• **Exercise aim**
Setting pictures aside, output exactly the lines from the start of the records to the line with "#616 = VECTOR ( 'NONE', #9562, 1000. ) ;", that line included.

....

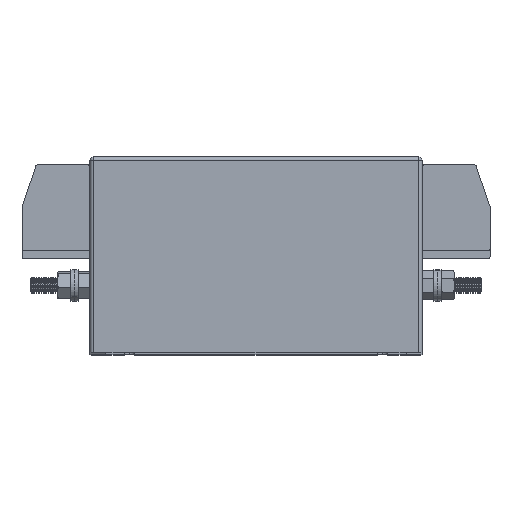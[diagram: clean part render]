
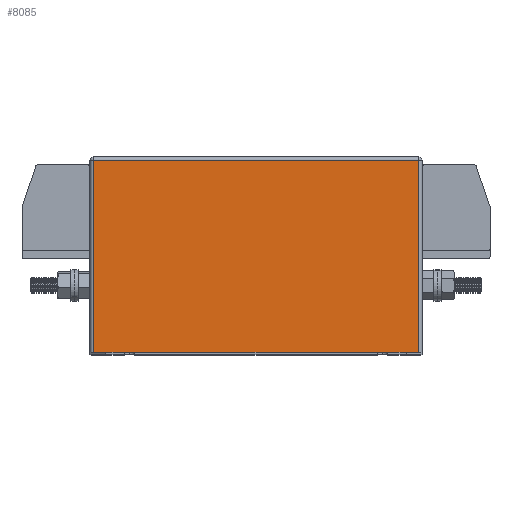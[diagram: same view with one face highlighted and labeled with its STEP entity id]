
A CAD part, top view. The second image highlights one B-rep face of the part: STEP entity #8085.
In plain terms, the highlighted planar face has unit normal (0, 0, 1).
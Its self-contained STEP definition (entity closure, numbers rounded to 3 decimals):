
#34 = VECTOR ( 'NONE', #6430, 1000. ) ;
#257 = DIRECTION ( 'NONE',  ( 0., 0., -1. ) ) ;
#438 = ORIENTED_EDGE ( 'NONE', *, *, #2165, .T. ) ;
#616 = VECTOR ( 'NONE', #9562, 1000. ) ;
#869 = LINE ( 'NONE', #6391, #616 ) ;
#1567 = CARTESIAN_POINT ( 'NONE',  ( 208., 123., -13.5 ) ) ;
#1754 = VERTEX_POINT ( 'NONE', #1567 ) ;
#2028 = EDGE_LOOP ( 'NONE', ( #5751, #2747, #7372, #438 ) ) ;
#2165 = EDGE_CURVE ( 'NONE', #4062, #1754, #9794, .T. ) ;
#2747 = ORIENTED_EDGE ( 'NONE', *, *, #7480, .T. ) ;
#2752 = EDGE_CURVE ( 'NONE', #6923, #4062, #6646, .T. ) ;
#3204 = DIRECTION ( 'NONE',  ( 1., 0., 0. ) ) ;
#3255 = DIRECTION ( 'NONE',  ( 0., 1., 0. ) ) ;
#3312 = VECTOR ( 'NONE', #3204, 1000. ) ;
#4062 = VERTEX_POINT ( 'NONE', #7267 ) ;
#4090 = PLANE ( 'NONE',  #5654 ) ;
#5466 = VECTOR ( 'NONE', #3255, 1000. ) ;
#5654 = AXIS2_PLACEMENT_3D ( 'NONE', #6443, #257, #8813 ) ;
#5668 = CARTESIAN_POINT ( 'NONE',  ( 0., 123., -13.5 ) ) ;
#5751 = ORIENTED_EDGE ( 'NONE', *, *, #6313, .T. ) ;
#5838 = CARTESIAN_POINT ( 'NONE',  ( 2., 123., -13.5 ) ) ;
#6291 = CARTESIAN_POINT ( 'NONE',  ( 208., 125., -13.5 ) ) ;
#6313 = EDGE_CURVE ( 'NONE', #1754, #8237, #8463, .T. ) ;
#6391 = CARTESIAN_POINT ( 'NONE',  ( 2., 125., -13.5 ) ) ;
#6430 = DIRECTION ( 'NONE',  ( -1., 0., 0. ) ) ;
#6443 = CARTESIAN_POINT ( 'NONE',  ( 0., 125., -13.5 ) ) ;
#6646 = LINE ( 'NONE', #7792, #3312 ) ;
#6923 = VERTEX_POINT ( 'NONE', #9429 ) ;
#7267 = CARTESIAN_POINT ( 'NONE',  ( 208., 1.5, -13.5 ) ) ;
#7372 = ORIENTED_EDGE ( 'NONE', *, *, #2752, .T. ) ;
#7480 = EDGE_CURVE ( 'NONE', #8237, #6923, #869, .T. ) ;
#7792 = CARTESIAN_POINT ( 'NONE',  ( 0., 1.5, -13.5 ) ) ;
#8085 = ADVANCED_FACE ( 'NONE', ( #8423 ), #4090, .F. ) ;
#8237 = VERTEX_POINT ( 'NONE', #5838 ) ;
#8423 = FACE_OUTER_BOUND ( 'NONE', #2028, .T. ) ;
#8463 = LINE ( 'NONE', #5668, #34 ) ;
#8813 = DIRECTION ( 'NONE',  ( -1., 0., 0. ) ) ;
#9429 = CARTESIAN_POINT ( 'NONE',  ( 2., 1.5, -13.5 ) ) ;
#9562 = DIRECTION ( 'NONE',  ( 0., -1., 0. ) ) ;
#9794 = LINE ( 'NONE', #6291, #5466 ) ;
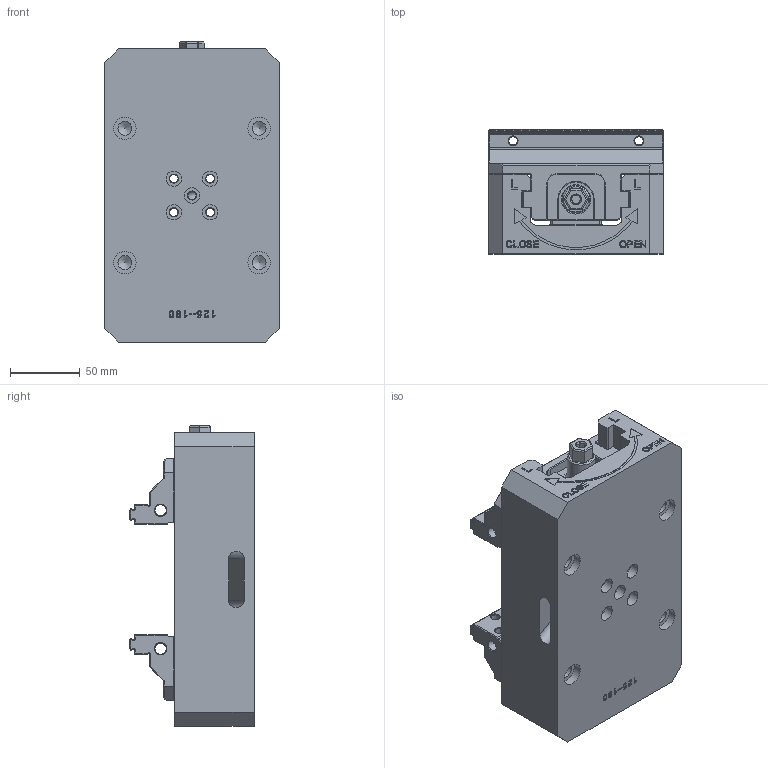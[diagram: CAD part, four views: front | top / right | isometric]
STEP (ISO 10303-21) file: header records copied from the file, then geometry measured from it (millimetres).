
FILE_DESCRIPTION(/* description */ (''),/* implementation_level */ '2;1');
FILE_NAME(/* name */ '',/* time_stamp */ '2023-07-31T13:29:29+08:00',/* author */ (''),/* organization */ (''),/* preprocessor_version */ 'ST-DEVELOPER v11',/* originating_system */ 'SIEMENS PLM Software NX 7.0',/* authorisation */ '');
FILE_SCHEMA (('CONFIG_CONTROL_DESIGN'));
Products named in the file (1): Admi8458jpx2
Bounding box: 125 x 89 x 215 mm (x, y, z)
Volume: 1314284.1 mm3; surface area: 204895.3 mm2
Topology: 5 solids, 5 shells, 1603 faces, 4393 edges, 2845 vertices
Faces by surface type: plane 976, cylinder 470, cone 82, extrusion 60, bspline 12, torus 3
Full cylindrical faces by diameter (mm): 6 x19, 6.5 x5, 8 x4, 10 x4, 11 x5, 16.005 x4, 18 x4, 20 x2, 24 x2, 24.5 x1
Entity records: 57034 total; most frequent: CARTESIAN_POINT 17576, ORIENTED_EDGE 8494, DIRECTION 7526, EDGE_CURVE 4247, VERTEX_POINT 2805, VECTOR 2784, LINE 2724, AXIS2_PLACEMENT_3D 2371
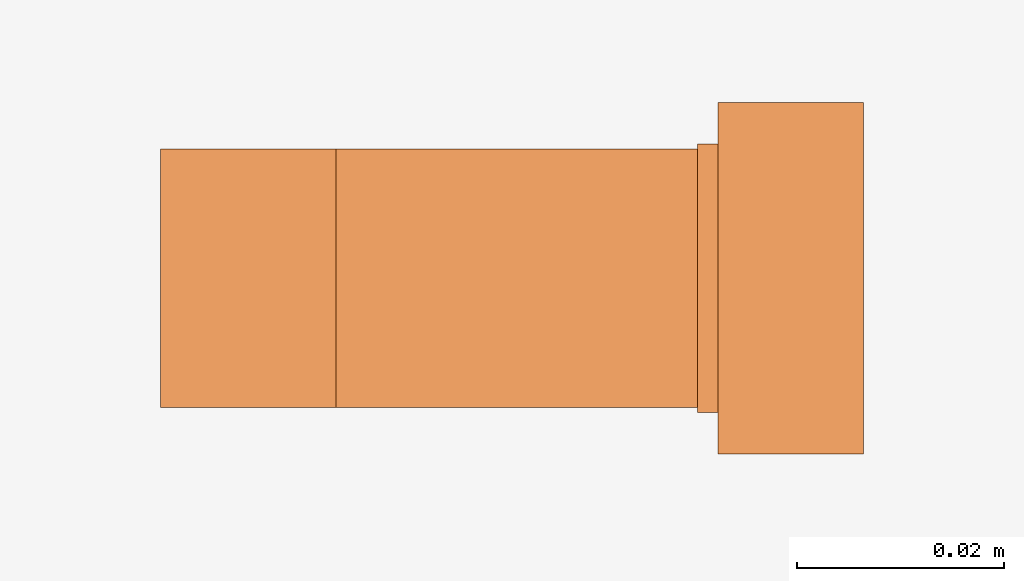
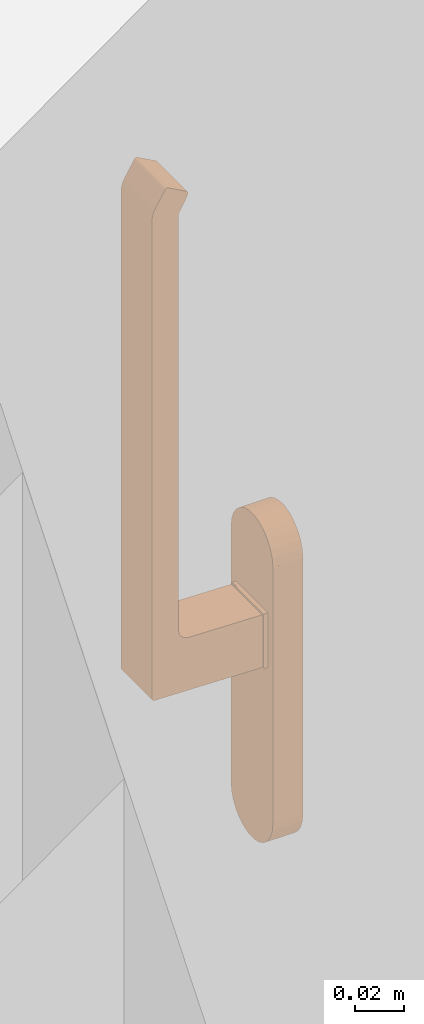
# One storey, part 22 of 22: 1 proxy.
"""IFC2X3 building model written with IfcOpenShell, lengths in millimetres."""

from ifc_helpers import new_model, entity, si_unit, converted_unit, derived_unit, direction, frame, frame_2d, origin, origin_2d_with_axis, place, context, subcontext, project, spatial, polyline, circle_curve, parameter, trimmed, segment, composite_curve, rectangle, outline, extrude, source, transform, mapped, material, material_list, type_object, type_shapes, element, save


model = new_model("IFC2X3")

# Units and contexts
model_context = context("Model", 3, precision=0.01, world=origin(), true_north=direction((6.123031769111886e-17, 1.0)))
body_context = subcontext(model_context, "Body", "Model", "MODEL_VIEW")
ifc_project = project(units=[si_unit("LENGTHUNIT", "METRE", prefix="MILLI"), si_unit("AREAUNIT", "SQUARE_METRE"), si_unit("VOLUMEUNIT", "CUBIC_METRE"), converted_unit("PLANEANGLEUNIT", "DEGREE", entity("IfcRatioMeasure", 0.017453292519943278), si_unit("PLANEANGLEUNIT", "RADIAN"), dimensions=[0, 0, 0, 0, 0, 0, 0]), si_unit("MASSUNIT", "GRAM", prefix="KILO"), derived_unit("MASSDENSITYUNIT", [(si_unit("MASSUNIT", "GRAM", prefix="KILO"), 1), (si_unit("LENGTHUNIT", "METRE"), -3)]), derived_unit("MOMENTOFINERTIAUNIT", [(si_unit("LENGTHUNIT", "METRE"), 4)]), si_unit("TIMEUNIT", "SECOND"), si_unit("FREQUENCYUNIT", "HERTZ"), si_unit("THERMODYNAMICTEMPERATUREUNIT", "DEGREE_CELSIUS"), derived_unit("THERMALTRANSMITTANCEUNIT", [(si_unit("MASSUNIT", "GRAM", prefix="KILO"), 1), (si_unit("THERMODYNAMICTEMPERATUREUNIT", "KELVIN"), -1), (si_unit("TIMEUNIT", "SECOND"), -3)]), derived_unit("VOLUMETRICFLOWRATEUNIT", [(si_unit("LENGTHUNIT", "METRE"), 3), (si_unit("TIMEUNIT", "SECOND"), -1)]), derived_unit("MASSFLOWRATEUNIT", [(si_unit("MASSUNIT", "GRAM", prefix="KILO"), 1), (si_unit("TIMEUNIT", "SECOND"), -1)]), derived_unit("ROTATIONALFREQUENCYUNIT", [(si_unit("TIMEUNIT", "SECOND"), -1)]), si_unit("ELECTRICCURRENTUNIT", "AMPERE"), si_unit("ELECTRICVOLTAGEUNIT", "VOLT"), si_unit("POWERUNIT", "WATT"), si_unit("FORCEUNIT", "NEWTON", prefix="KILO"), si_unit("ILLUMINANCEUNIT", "LUX"), si_unit("LUMINOUSFLUXUNIT", "LUMEN"), si_unit("LUMINOUSINTENSITYUNIT", "CANDELA"), derived_unit("USERDEFINED", [(si_unit("MASSUNIT", "GRAM", prefix="KILO"), -1), (si_unit("LENGTHUNIT", "METRE"), -2), (si_unit("TIMEUNIT", "SECOND"), 3), (si_unit("LUMINOUSFLUXUNIT", "LUMEN"), 1)]), derived_unit("SOUNDPOWERUNIT", [(si_unit("MASSUNIT", "GRAM", prefix="KILO"), 1), (si_unit("LENGTHUNIT", "METRE"), 2), (si_unit("TIMEUNIT", "SECOND"), -3)]), derived_unit("SOUNDPRESSUREUNIT", [(si_unit("MASSUNIT", "GRAM", prefix="KILO"), 1), (si_unit("LENGTHUNIT", "METRE"), -1), (si_unit("TIMEUNIT", "SECOND"), -2)]), derived_unit("LINEARVELOCITYUNIT", [(si_unit("LENGTHUNIT", "METRE"), 1), (si_unit("TIMEUNIT", "SECOND"), -1)]), si_unit("PRESSUREUNIT", "PASCAL"), derived_unit("USERDEFINED", [(si_unit("LENGTHUNIT", "METRE"), -2), (si_unit("MASSUNIT", "GRAM", prefix="KILO"), 1), (si_unit("TIMEUNIT", "SECOND"), -2)]), derived_unit("LINEARFORCEUNIT", [(si_unit("MASSUNIT", "GRAM", prefix="KILO"), 1), (si_unit("LENGTHUNIT", "METRE"), 1), (si_unit("TIMEUNIT", "SECOND"), -2), (si_unit("LENGTHUNIT", "METRE"), -1)]), derived_unit("PLANARFORCEUNIT", [(si_unit("MASSUNIT", "GRAM", prefix="KILO"), 1), (si_unit("LENGTHUNIT", "METRE"), 1), (si_unit("TIMEUNIT", "SECOND"), -2), (si_unit("LENGTHUNIT", "METRE"), -2)])], contexts=[model_context])

# Site, building, storey
site_placement = place(None, origin())
site = spatial("IfcSite", under=ifc_project, at=site_placement, Name="Default", CompositionType="ELEMENT")
building_placement = place(site_placement, origin())
building = spatial("IfcBuilding", under=site, at=building_placement, CompositionType="ELEMENT")
storey_placement = place(building_placement, frame((0.0, 0.0, 3300.0)))
storey = spatial("IfcBuildingStorey", under=building, at=storey_placement, Name="Level 2", CompositionType="ELEMENT", Elevation=3299.99999999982)

# Proxy
ifc_material = material(Name="Polished Steel")
ifc_material_list_1 = material_list([ifc_material, ifc_material, ifc_material, ifc_material, ifc_material])
ifc_material_list_2 = material_list([ifc_material, ifc_material, ifc_material, ifc_material, ifc_material])
building_element_proxy_type = type_object("IfcBuildingElementProxyType", Name="Alumil Chic no lock:Alumil Chic no lock:Alumil Chic no lock : Alumil Chic no lock:Alumil Chic no lock", PredefinedType="NOTDEFINED", material=ifc_material_list_2)
shared_shape = source(origin(), body_context, "Body", "SweptSolid", [
    extrude(outline(composite_curve([segment(trimmed(circle_curve(frame_2d((0.0, 0.3125), x_axis=(1.0, 0.0)), 17.0), [parameter(181.05329056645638)], [parameter(358.94670943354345)], True, "PARAMETER"), True, "CONTINUOUS"), segment(polyline([(16.997127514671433, 0.0), (-16.997127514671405, 0.0)]), True, "CONTINUOUS")], self_intersect=False)), frame((5824.21753915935, -254.039476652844, 4500.0), z_axis=(-1.0, 0.0, 0.0), x_axis=(0.0, 1.0, 0.0)), (0.0, 0.0, -1.0), 14.085299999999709),
    extrude(outline(composite_curve([segment(trimmed(circle_curve(origin_2d_with_axis(), 17.0), [parameter(180.00000000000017)], [parameter(0.0)], True, "PARAMETER"), True, "CONTINUOUS"), segment(polyline([(17.0, 0.0), (-17.0, 0.0)]), True, "CONTINUOUS")], self_intersect=False)), frame((5824.21753915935, -254.039476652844, 4373.638590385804), z_axis=(1.0, 0.0, 0.0), x_axis=(0.0, 1.0, 0.0)), (0.0, 0.0, 1.0), 14.085299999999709),
    extrude(rectangle(XDim=14.085299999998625, YDim=33.999999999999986, at=origin_2d_with_axis()), frame((5831.2601891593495, -254.039476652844, 4373.638590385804)), (0.0, 0.0, 1.0), 126.36140961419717),
    extrude(outline(composite_curve([segment(trimmed(circle_curve(frame_2d((8.93985071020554, -9.376473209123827), x_axis=(-0.7071067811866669, -0.7071067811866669)), 0.535018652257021), [parameter(0.0)], [parameter(90.00000000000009)], True, "PARAMETER"), True, "CONTINUOUS"), segment(polyline([(9.318166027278, -9.754788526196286), (10.351660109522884, -8.721294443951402)]), True, "CONTINUOUS"), segment(polyline([(10.351660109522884, -8.721294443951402), (-8.721131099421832, 10.351496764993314)]), True, "CONTINUOUS"), segment(polyline([(-8.721131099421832, 10.351496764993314), (-9.75511521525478, 9.317512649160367)]), True, "CONTINUOUS"), segment(trimmed(circle_curve(frame_2d((-9.377289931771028, 8.939687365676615), x_axis=(-0.7071067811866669, -0.7071067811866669)), 0.5343256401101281), [parameter(269.9999999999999)], [parameter(0.0)], True, "PARAMETER"), True, "CONTINUOUS"), segment(polyline([(-9.755115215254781, 8.561862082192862), (8.561535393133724, -9.754788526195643)]), True, "CONTINUOUS")], self_intersect=False)), frame((5823.064696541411, -267.039476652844, 4461.75027488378), z_axis=(0.0, 1.0, 0.0), x_axis=(0.7071067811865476, 0.0, 0.7071067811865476)), (0.0, 0.0, 1.0), 26.000000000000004),
    extrude(outline(composite_curve([segment(trimmed(circle_curve(frame_2d((7.304351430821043, 108.61682666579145), x_axis=(1.0, 0.0)), 12.184037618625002), [parameter(0.0)], [parameter(31.000000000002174)], True, "PARAMETER"), True, "CONTINUOUS"), segment(polyline([(17.748110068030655, 114.89206994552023), (13.238760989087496, 122.39688709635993)]), True, "CONTINUOUS"), segment(trimmed(circle_curve(frame_2d((12.298825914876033, 121.83211712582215), x_axis=(1.0, 0.0)), 1.09655964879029), [parameter(31.000000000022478)], [parameter(118.99999999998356)], True, "PARAMETER"), True, "CONTINUOUS"), segment(polyline([(11.76720324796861, 122.79118980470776), (3.230443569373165, 118.05918664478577)]), True, "CONTINUOUS"), segment(trimmed(circle_curve(frame_2d((3.929020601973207, 116.7989203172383), x_axis=(1.0, 0.0)), 1.44093063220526), [parameter(118.99999999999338)], [parameter(208.99999999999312)], True, "PARAMETER"), True, "CONTINUOUS"), segment(polyline([(2.668754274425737, 116.10034328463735), (6.54934798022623, 109.09956692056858)]), True, "CONTINUOUS"), segment(trimmed(circle_curve(frame_2d((3.3995171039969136, 107.35358715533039), x_axis=(1.0, 0.0)), 3.60137194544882), [parameter(0.0)], [parameter(29.000000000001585)], True, "PARAMETER"), False, "CONTINUOUS"), segment(polyline([(7.000889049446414, 107.35358715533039), (7.000889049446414, -97.39091934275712)]), True, "CONTINUOUS"), segment(trimmed(circle_curve(frame_2d((2.000889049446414, -97.39091934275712), x_axis=(1.0, 0.0)), 5.0), [parameter(271.4994993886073)], [parameter(0.0)], True, "PARAMETER"), False, "CONTINUOUS"), segment(polyline([(2.131730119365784, -102.38920711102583), (-31.72935173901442, -103.27559468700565)]), True, "CONTINUOUS"), segment(trimmed(circle_curve(frame_2d((-31.70972865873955, -104.02522018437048), x_axis=(1.0, 0.0)), 0.7498822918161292), [parameter(91.49949938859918)], [parameter(180.00000000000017)], True, "PARAMETER"), True, "CONTINUOUS"), segment(polyline([(-32.45961095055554, -104.02522018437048), (-32.459610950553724, -128.47106480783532)]), True, "CONTINUOUS"), segment(trimmed(circle_curve(frame_2d((-31.683465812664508, -128.47106480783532), x_axis=(1.0, 0.0)), 0.7761451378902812), [parameter(180.00000000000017)], [parameter(271.4172927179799)], True, "PARAMETER"), True, "CONTINUOUS"), segment(polyline([(-31.664268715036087, -129.24697249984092), (17.99993590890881, -128.01820702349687)]), True, "CONTINUOUS"), segment(trimmed(circle_curve(frame_2d((17.962186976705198, -126.49247186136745), x_axis=(1.0, 0.0)), 1.52620207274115), [parameter(271.4172927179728)], [parameter(0.0)], True, "PARAMETER"), True, "CONTINUOUS"), segment(polyline([(19.488389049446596, -126.49247186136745), (19.488389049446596, 108.61682666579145)]), True, "CONTINUOUS")], self_intersect=False)), frame((5789.761328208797, -266.5394766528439, 4578.031637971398), z_axis=(0.0, 1.0, 0.0), x_axis=(-1.0, 0.0, 0.0)), (0.0, 0.0, 1.0), 25.0),
])
type_shapes(building_element_proxy_type, [shared_shape])
proxy_placement = place(storey_placement, frame((0.0, 0.0, -3300.0)))
element("IfcBuildingElementProxy", 1, at=proxy_placement, inside=storey, type_object=building_element_proxy_type, material=ifc_material_list_1, Name="Alumil Chic no lock:Alumil Chic no lock:Alumil Chic no lock : Alumil Chic no lock:Alumil Chic no lock:Alumil Chic no lock:Alumil Chic no lock : Alumil Chic no lock:Alumil Chic no lock : Alumil Chic no lock:Alumil Chic no lock:Alumil Chic no lock : Alumil Chic no lock:Alumil Chic no lock", ObjectType="Alumil Chic no lock:Alumil Chic no lock:Alumil Chic no lock : Alumil Chic no lock:Alumil Chic no lock:Alumil Chic no lock:Alumil Chic no lock : Alumil Chic no lock:Alumil Chic no lock : Alumil Chic no lock:Alumil Chic no lock:Alumil Chic no lock : Alumil Chic no lock:Alumil Chic no lock", context=body_context, shape_type="MappedRepresentation", body=[
    mapped(shared_shape, transform((0.0, 0.0, 0.0), scale=1.0)),
])

save(model, "model.ifc")

....

• **Task answer**
[diagram: clean part render]
[diagram: same view with one face highlighted and labeled with its STEP entity id]
A CAD part, top view. The second image highlights one B-rep face of the part: STEP entity #8085.
In plain terms, the highlighted planar face has unit normal (0, 0, 1).
Its self-contained STEP definition (entity closure, numbers rounded to 3 decimals):
#34 = VECTOR ( 'NONE', #6430, 1000. ) ;
#257 = DIRECTION ( 'NONE',  ( 0., 0., -1. ) ) ;
#438 = ORIENTED_EDGE ( 'NONE', *, *, #2165, .T. ) ;
#616 = VECTOR ( 'NONE', #9562, 1000. ) ;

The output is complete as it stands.